Thank you for the question. It's a fascinating question and probably would be best directed, in a way, to Zijin Mining, which is the company that has acquired Neo Lithium for a billion-dollar price tag.
One thing that's interesting about Zijin Mining, as you see if you look at the company's corporate history, is that it began as a gold miner in China. It expanded overseas, principally in gold and other base metal extractions. The Neo Lithium takeover by Zijin, to the best of my knowledge from the available public documentation on Zijin, is the first such acquisition that it has made. I'm presuming—I can't speak for the company's directors, owners and whatever passes for shareholders in a Chinese SOE context—that they looked at and did their due diligence on the Argentinian mine, which is recorded in Neo Lithium public documents on the transaction. I'm presuming simply that they looked at that asset, thought about the future, thought about how they wanted to position themselves as a global miner and as a potential future Chinese industrial champion, as the Chinese strategy has it, and thought that was a terrifically important acquisition for them.

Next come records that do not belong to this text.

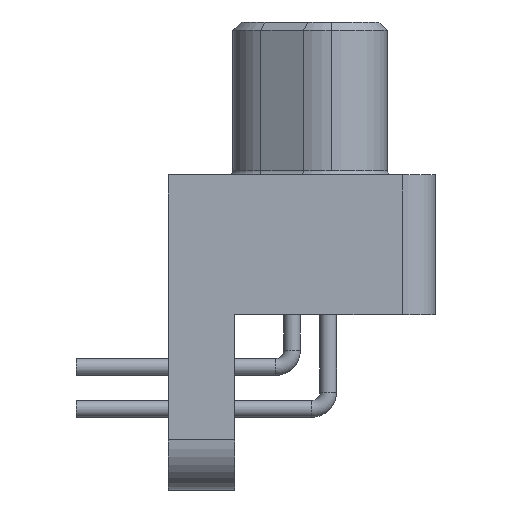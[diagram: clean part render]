
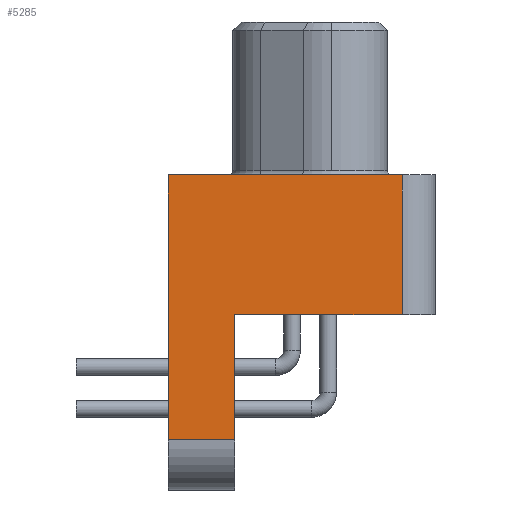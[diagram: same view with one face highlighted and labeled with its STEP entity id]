
A CAD part, left-side view. The second image highlights one B-rep face of the part: STEP entity #5285.
In plain terms, the highlighted planar face has unit normal (-1, 0, 0).
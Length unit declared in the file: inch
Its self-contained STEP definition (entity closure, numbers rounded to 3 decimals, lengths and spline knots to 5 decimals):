
#416 = VECTOR ( 'NONE', #14221, 39.37008 ) ;
#816 = LINE ( 'NONE', #1449, #13604 ) ;
#1179 = LINE ( 'NONE', #4586, #3978 ) ;
#1415 = VERTEX_POINT ( 'NONE', #5279 ) ;
#1449 = CARTESIAN_POINT ( 'NONE',  ( -0.3875, 0.09, -0.275 ) ) ;
#2141 = ORIENTED_EDGE ( 'NONE', *, *, #3722, .T. ) ;
#2316 = EDGE_CURVE ( 'NONE', #1415, #8666, #6806, .T. ) ;
#2587 = LINE ( 'NONE', #10747, #8632 ) ;
#3169 = DIRECTION ( 'NONE',  ( -1., 0., 0. ) ) ;
#3384 = DIRECTION ( 'NONE',  ( 0., 0., -1. ) ) ;
#3722 = EDGE_CURVE ( 'NONE', #1415, #8540, #816, .T. ) ;
#3978 = VECTOR ( 'NONE', #3384, 39.37008 ) ;
#4129 = VECTOR ( 'NONE', #14725, 39.37008 ) ;
#4480 = VERTEX_POINT ( 'NONE', #8209 ) ;
#4586 = CARTESIAN_POINT ( 'NONE',  ( -0.3875, -0.11, 0.042 ) ) ;
#5279 = CARTESIAN_POINT ( 'NONE',  ( -0.3875, 0.17, -0.275 ) ) ;
#5285 = ADVANCED_FACE ( 'NONE', ( #10337 ), #5549, .T. ) ;
#5475 = VECTOR ( 'NONE', #15367, 39.37008 ) ;
#5549 = PLANE ( 'NONE',  #7669 ) ;
#6765 = CARTESIAN_POINT ( 'NONE',  ( -0.3875, 0.11, 0.042 ) ) ;
#6806 = LINE ( 'NONE', #13115, #416 ) ;
#6830 = CARTESIAN_POINT ( 'NONE',  ( -0.3875, -0.11, -0.125 ) ) ;
#7669 = AXIS2_PLACEMENT_3D ( 'NONE', #6765, #3169, #11615 ) ;
#8121 = EDGE_CURVE ( 'NONE', #8540, #4480, #2587, .T. ) ;
#8143 = CARTESIAN_POINT ( 'NONE',  ( -0.3875, -0.11, -0.125 ) ) ;
#8209 = CARTESIAN_POINT ( 'NONE',  ( -0.3875, 0.09, -0.125 ) ) ;
#8540 = VERTEX_POINT ( 'NONE', #12903 ) ;
#8632 = VECTOR ( 'NONE', #15540, 39.37008 ) ;
#8639 = EDGE_LOOP ( 'NONE', ( #13118, #2141, #12892, #10327, #12365, #10118 ) ) ;
#8666 = VERTEX_POINT ( 'NONE', #9456 ) ;
#9456 = CARTESIAN_POINT ( 'NONE',  ( -0.3875, 0.17, 0.042 ) ) ;
#10118 = ORIENTED_EDGE ( 'NONE', *, *, #12815, .T. ) ;
#10327 = ORIENTED_EDGE ( 'NONE', *, *, #12512, .T. ) ;
#10337 = FACE_OUTER_BOUND ( 'NONE', #8639, .T. ) ;
#10747 = CARTESIAN_POINT ( 'NONE',  ( -0.3875, 0.09, -0.335 ) ) ;
#11411 = EDGE_CURVE ( 'NONE', #14853, #14405, #1179, .T. ) ;
#11615 = DIRECTION ( 'NONE',  ( 0., 0., 1. ) ) ;
#12287 = DIRECTION ( 'NONE',  ( 0., -1., 0. ) ) ;
#12365 = ORIENTED_EDGE ( 'NONE', *, *, #11411, .F. ) ;
#12512 = EDGE_CURVE ( 'NONE', #4480, #14405, #13956, .T. ) ;
#12548 = CARTESIAN_POINT ( 'NONE',  ( -0.3875, -0.11, 0.042 ) ) ;
#12815 = EDGE_CURVE ( 'NONE', #14853, #8666, #14137, .T. ) ;
#12892 = ORIENTED_EDGE ( 'NONE', *, *, #8121, .T. ) ;
#12903 = CARTESIAN_POINT ( 'NONE',  ( -0.3875, 0.09, -0.275 ) ) ;
#13115 = CARTESIAN_POINT ( 'NONE',  ( -0.3875, 0.17, -0.335 ) ) ;
#13118 = ORIENTED_EDGE ( 'NONE', *, *, #2316, .F. ) ;
#13499 = CARTESIAN_POINT ( 'NONE',  ( -0.3875, -0.11, 0.042 ) ) ;
#13604 = VECTOR ( 'NONE', #12287, 39.37008 ) ;
#13956 = LINE ( 'NONE', #8143, #5475 ) ;
#14137 = LINE ( 'NONE', #13499, #4129 ) ;
#14221 = DIRECTION ( 'NONE',  ( 0., 0., 1. ) ) ;
#14405 = VERTEX_POINT ( 'NONE', #6830 ) ;
#14725 = DIRECTION ( 'NONE',  ( 0., 1., 0. ) ) ;
#14853 = VERTEX_POINT ( 'NONE', #12548 ) ;
#15367 = DIRECTION ( 'NONE',  ( 0., -1., 0. ) ) ;
#15540 = DIRECTION ( 'NONE',  ( 0., 0., 1. ) ) ;

The question for me, I must say, is that if we're going to think about foreign direct investment in a national security and economic security strategy, we also have to do what is known, in intelligence terms, as a “net assessment”, which essentially means that you think about your own interest in this investment and you also think, “Why is a foreign company also interested in this investment?” I hope—and perhaps this is a question for officials when they appear tomorrow—some due consideration was given to that very question, which I think is implicit in your question.